The theory that, in crystals, electrons fall into allowed energy bands, between which lie forbidden bands. Although free-electron theory can explain the electrical properties of metals, to understand fully the nature of electrical conduction, free-electron theory must be modified to include the effect of the crystal lattice in which the electrons move. Band theory modifies the free-electron treatment by including a regular periodic potential resulting from the positive ions in the lattice. Although the presence of the lattice alone does not give rise to electron scattering, except under special conditions, the periodic potential generated by the lattice does change the distribution of electron states given by the simple free-electron model.
In principle the original particle-in-a-box problem is modified by the addition of an extra potential term V(x, y, x), where V(x, y, x) has the same periodicity of the lattice it represents. The Schrödinger equation (see also quantum mechanics) that must be satisfied by these electron matter waves, ψ, is then:
− (ħ/2m)2(∂2ψ/∂x2 + ∂2ψ/∂y2 + ∂2ψ/∂z2) + V(x,y,z)ψ = Eψ
where E is the energy of the state associated with ψ. This equation is often called the Bloch equation; it is difficult to solve even using approximate methods.
As with the free-electron model, the Bloch equation leads to a relationship between the momenta that characterize an electron state, and the energy of that state. However, this relationship is no longer the simple parabolic function:
E = p2/2m,
where p is the electron momentum that characterizes the state, and m is the mass of the electron. Instead the function is multivalued and there are certain forbidden bands of energy, i.e. no permitted states exist for them. The relationship between E and p for a one-dimensional crystal is shown in diagram (1).

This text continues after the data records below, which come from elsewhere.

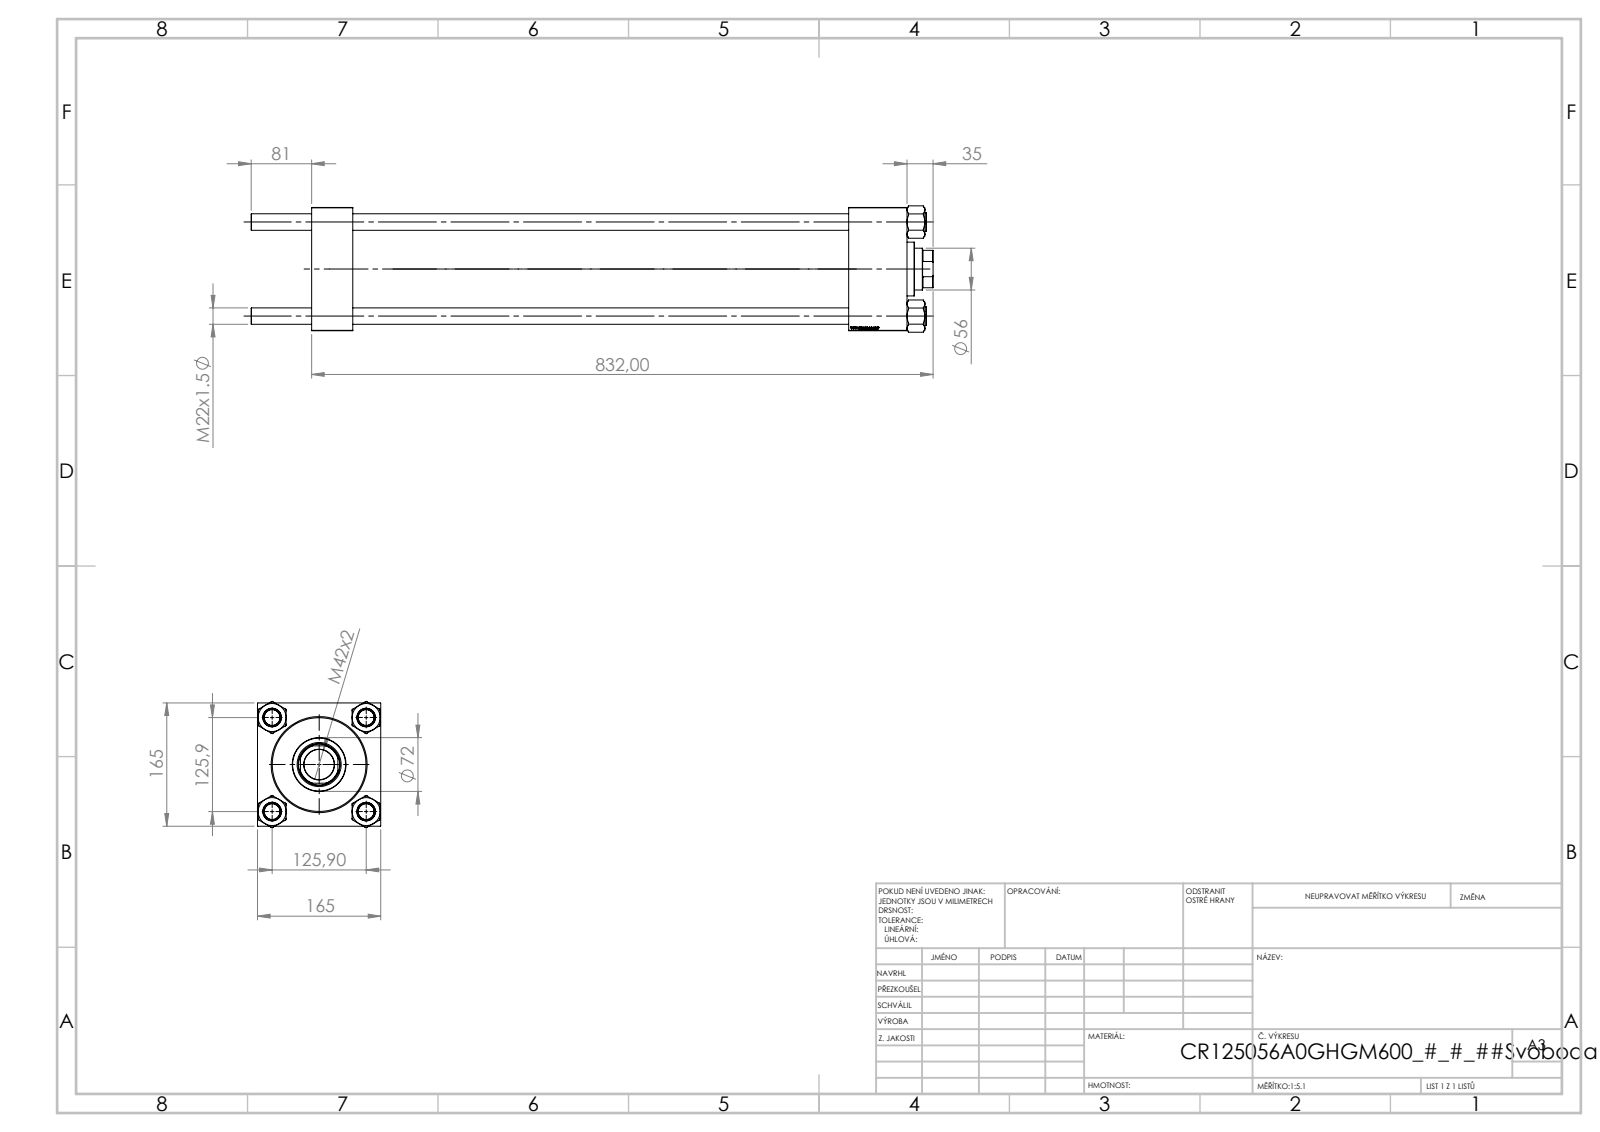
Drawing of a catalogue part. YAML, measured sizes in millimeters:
part_name: "NUT_M5; V215CR_VCP; CR025_012_A_0_G_A_G_M_020_+#_##_TYCINKA; V215_VC_A (+1 more)"
step_written_by: "SolidWorks 2019 (CONFIG_CONTROL_DESIGN)"
units: millimeters
bodies: {solids: 11, faces: 1182, planar: 568, cylindrical: 78, other: 536}
overall_size: [913, 169.14, 165]
volume: 7691000
surface_area: 1277000
round_holes:
  - {diameter: 22, count: 4}
  - {diameter: 7, count: 2}
  - {diameter: 32.24, count: 2}
  - {diameter: 45, count: 2}
  - {diameter: 40.5, count: 1}
  - {diameter: 56, count: 1}
  - {diameter: 59, count: 1}
  - {diameter: 96, count: 1}
  - {diameter: 125, count: 1}
  - {diameter: 125.5, count: 1}
round_bosses_or_shafts:
  - {diameter: 25, count: 4}
  - {diameter: 131, count: 1}
  - {diameter: 72, count: 1}
partial_cylinders:
  - {radius: 27, count: 1}
face_to_face_distances: [165, 55, 797, 742, 719, 664, 78, 768.3, 713.3, 49.3]
hole_center_spacings: [89.02, 125.9, 178.05, 718.5]
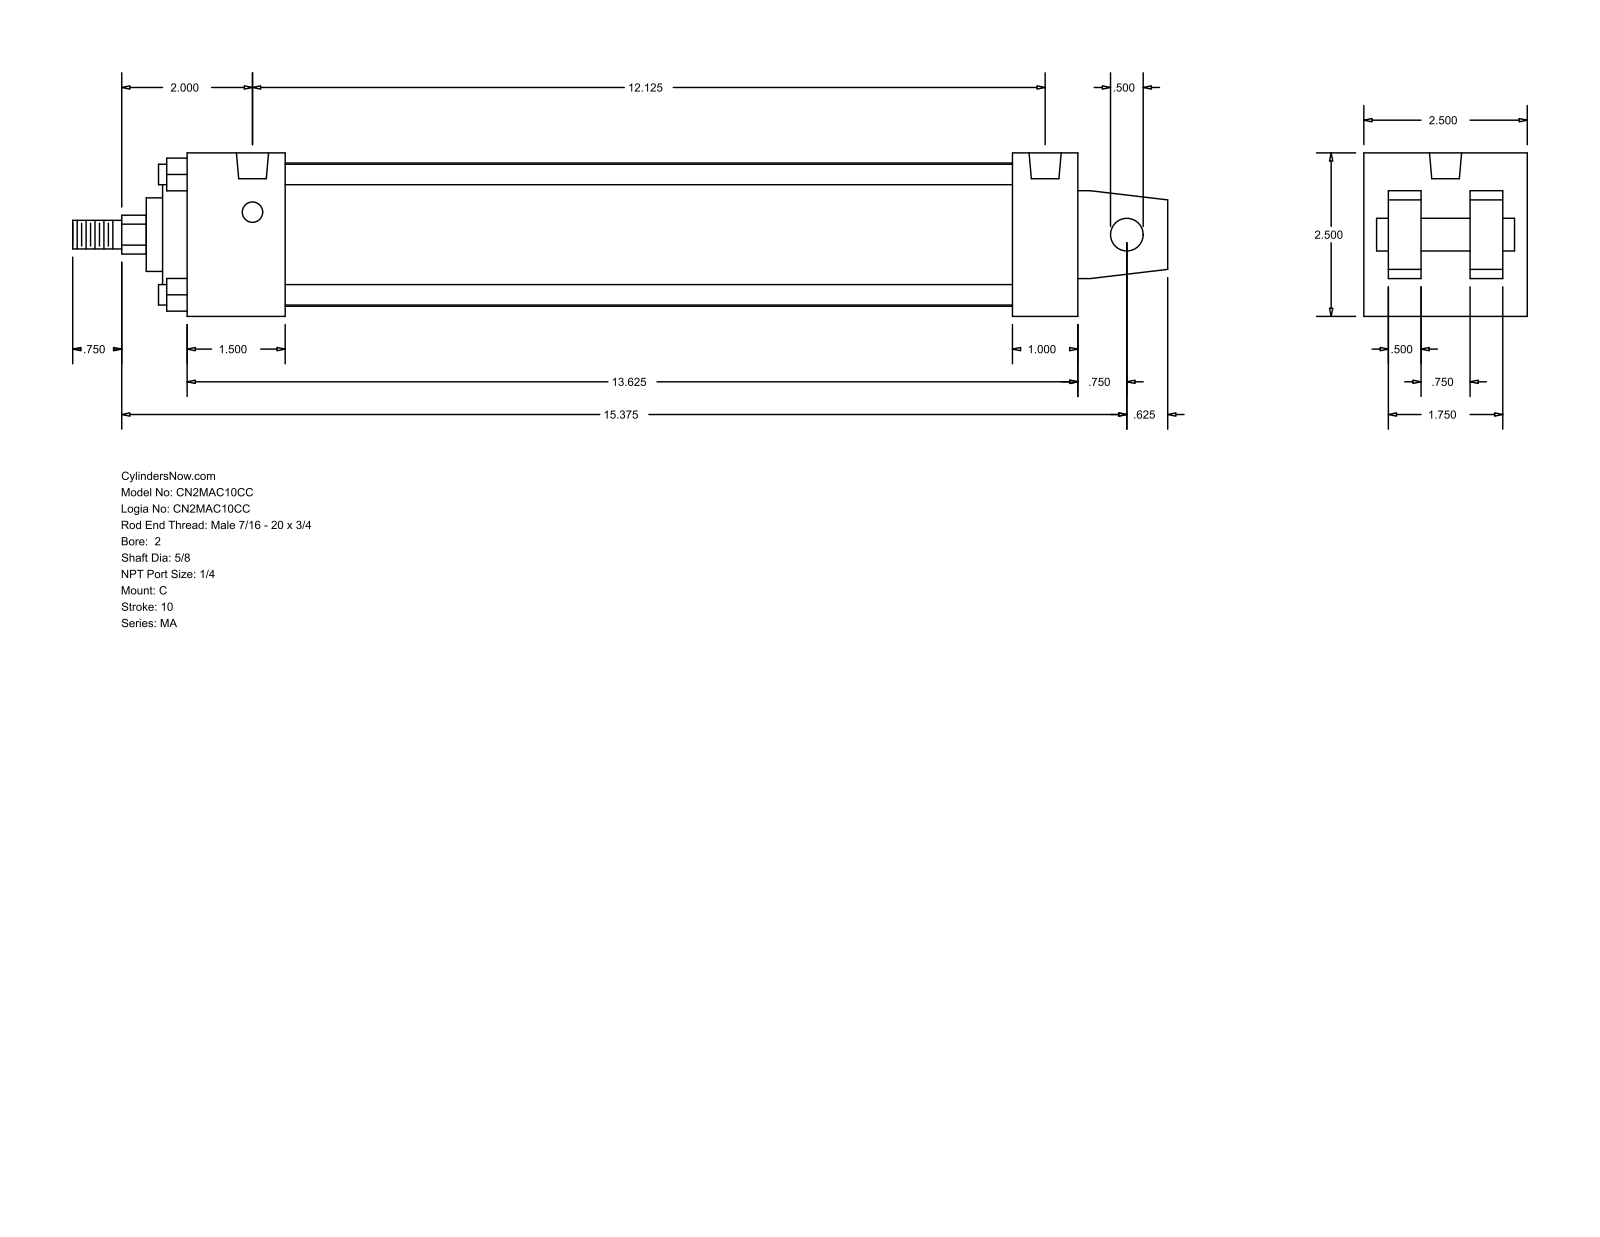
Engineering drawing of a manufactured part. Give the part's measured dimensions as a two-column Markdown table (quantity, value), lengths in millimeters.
| quantity | value |
| --- | --- |
| part name | MA_C__0200_0.625 |
| STEP written by | GSSL Pune (CONFIG_CONTROL_DESIGN) |
| units | millimeters |
| bodies | 0 solids, 105 faces (77 planar, 28 cylindrical, 0 other) |
| overall size | 425.45 × 63.5 × 63.5 |
| round holes (diameter × count) | 7.94 × 4, 12.49 × 2 |
| round bosses / shafts (diameter × count) | 7.94 × 4, 55.63 × 1, 50.8 × 1, 28.57 × 1, 15.88 × 1, 12.7 × 1, 11.11 × 1 |
| partial cylindrical surfaces (radius × count) | 7.54 × 1 |
| main face-to-face distances | 63.5, 9.52, 12.7, 22.22, 41.28, 53.98, 31.76, 38.1, 346.08, 307.98 |
| hole center spacings | 307.97 |
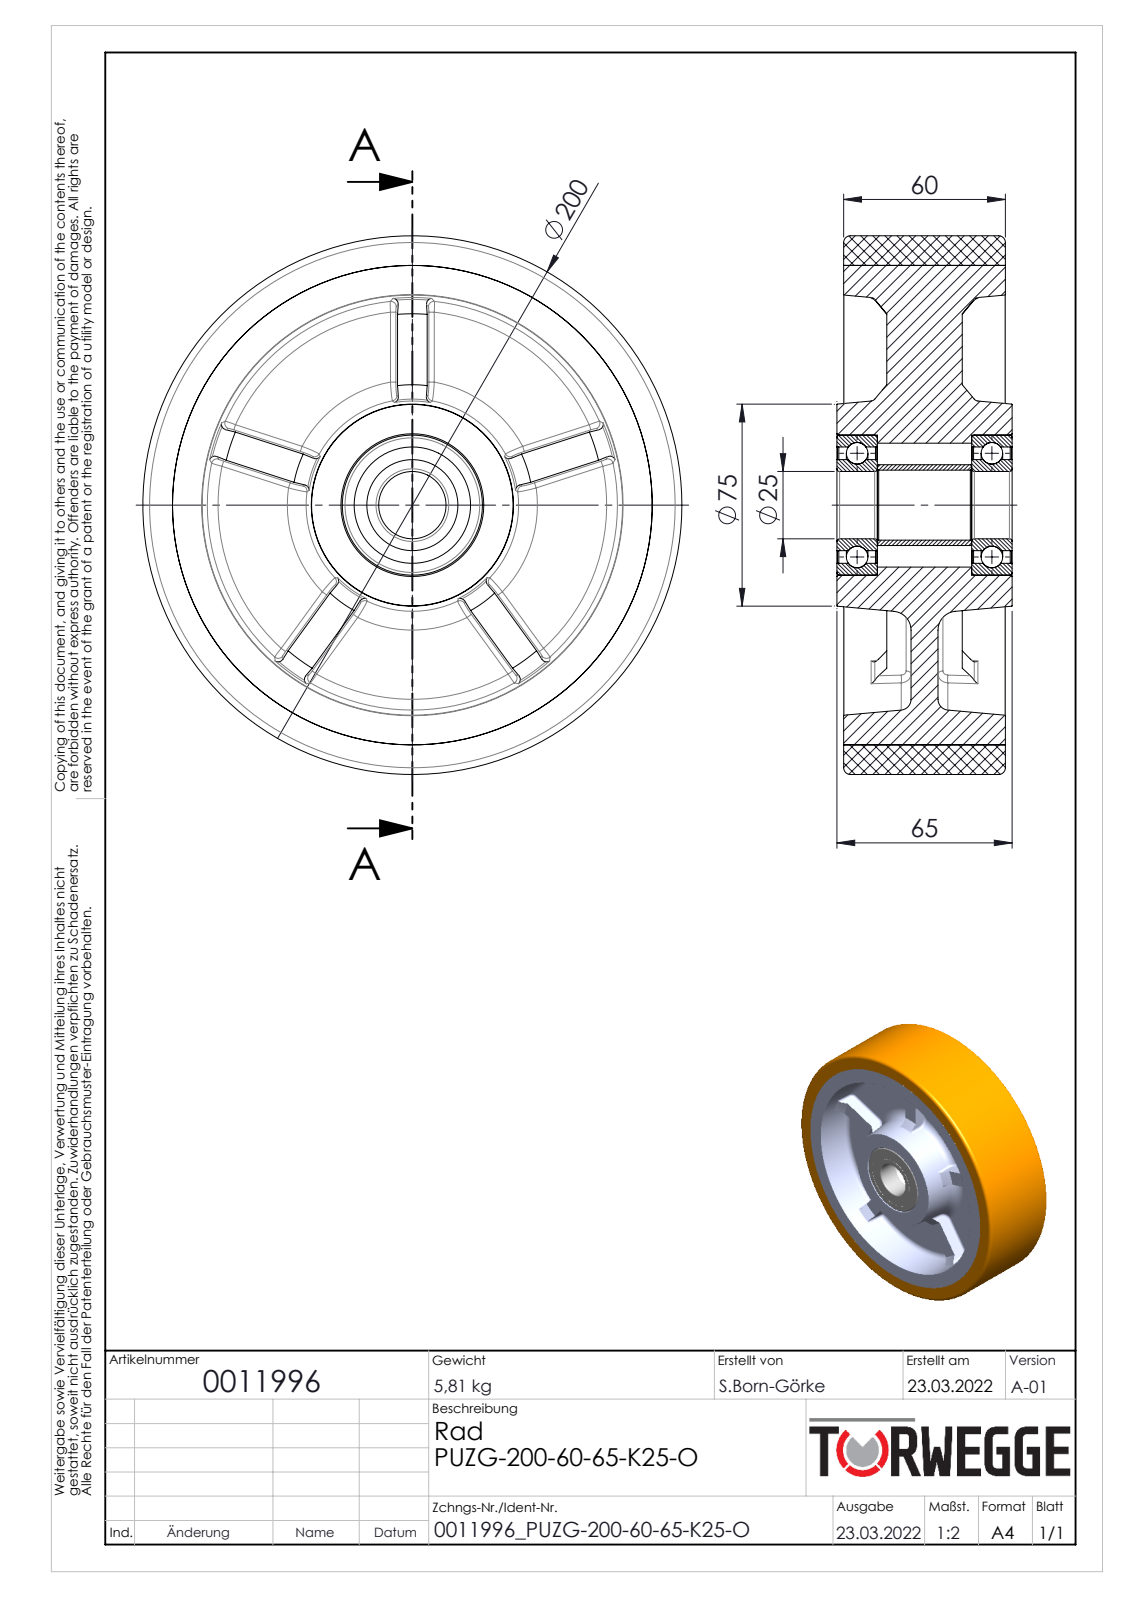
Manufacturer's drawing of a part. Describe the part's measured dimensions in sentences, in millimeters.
The part is named "0011996". Its 3-D file was written by "SolidWorks 2020 (AUTOMOTIVE_DESIGN)". It is 13 solids with 354 faces: 66 planar, 76 cylindrical and 212 other. Overall it measures 200 by 200 by 65 millimeters. Its volume is 1 188 000 cubic millimeters and its surface area 244 347 square millimeters. Round holes: 1 of diameter 25, 1 of diameter 26, 1 of diameter 33.8, 1 of diameter 43.2, 1 of diameter 46, 1 of diameter 52, 1 of diameter 178. Round bosses or shafts: 1 of diameter 200, 1 of diameter 30. Partial cylindrical surfaces (rounded edges, fillets, slot ends): 20 of radius 2. The main face-to-face distances are 35, 25, 60, 10, 2.5, 27.5, 37.5, 62.5, 12.5, 50.
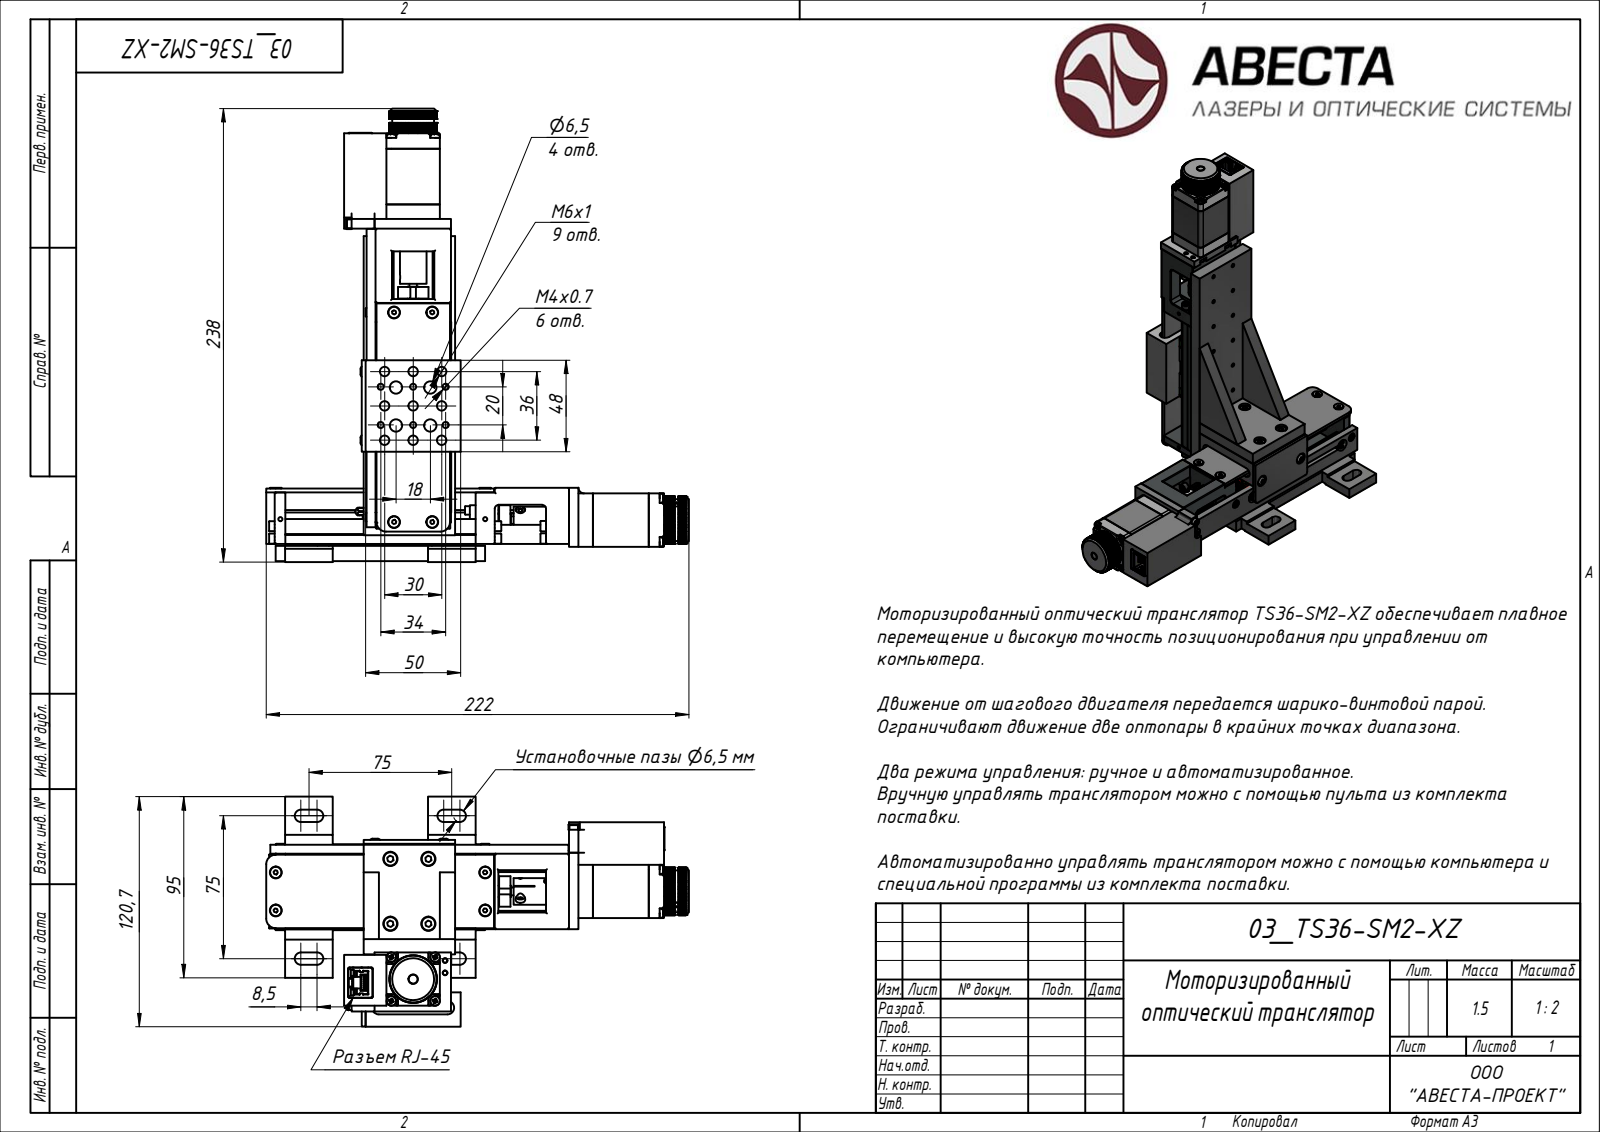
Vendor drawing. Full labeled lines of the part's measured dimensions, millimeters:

The main feature is that all the curves repeat themselves over an interval in p of h/a, where h is the Planck constant and a is called the lattice constant. The electron states on the lower curve indicated by the points S, S′, and S″, are identical states except for their momentum values. The upper curves show that for each momentum value there are several permitted energies; one within each energy band (e.g. P, P′, P″). In order to avoid the confusion that would arise if the complete multivalued set of curves were used, it is conventional to choose certain sections of them in which as p increases so does energy E. The smallest values, starting from p = 0, are reserved for the lowest energy band – the lowest curve in diagram (1). The next set from p = h/2a to h/a and −h/2a to −h/a is reserved for the second energy band (the middle curve in diagram (1), and so on. This zone structure is illustrated in diagram (2) and is called the extended zone scheme. It is merely a useful convention; any sets of p values that cover a range of h/a could be used to span all the available energy states.
A comparison of the extended zone scheme and the results of the free-electron model may easily be made by considering the relationship between E and p in the two models. This is shown in diagram (2) with the broken line corresponding to the free-electron parabolic relationship, E≅p2.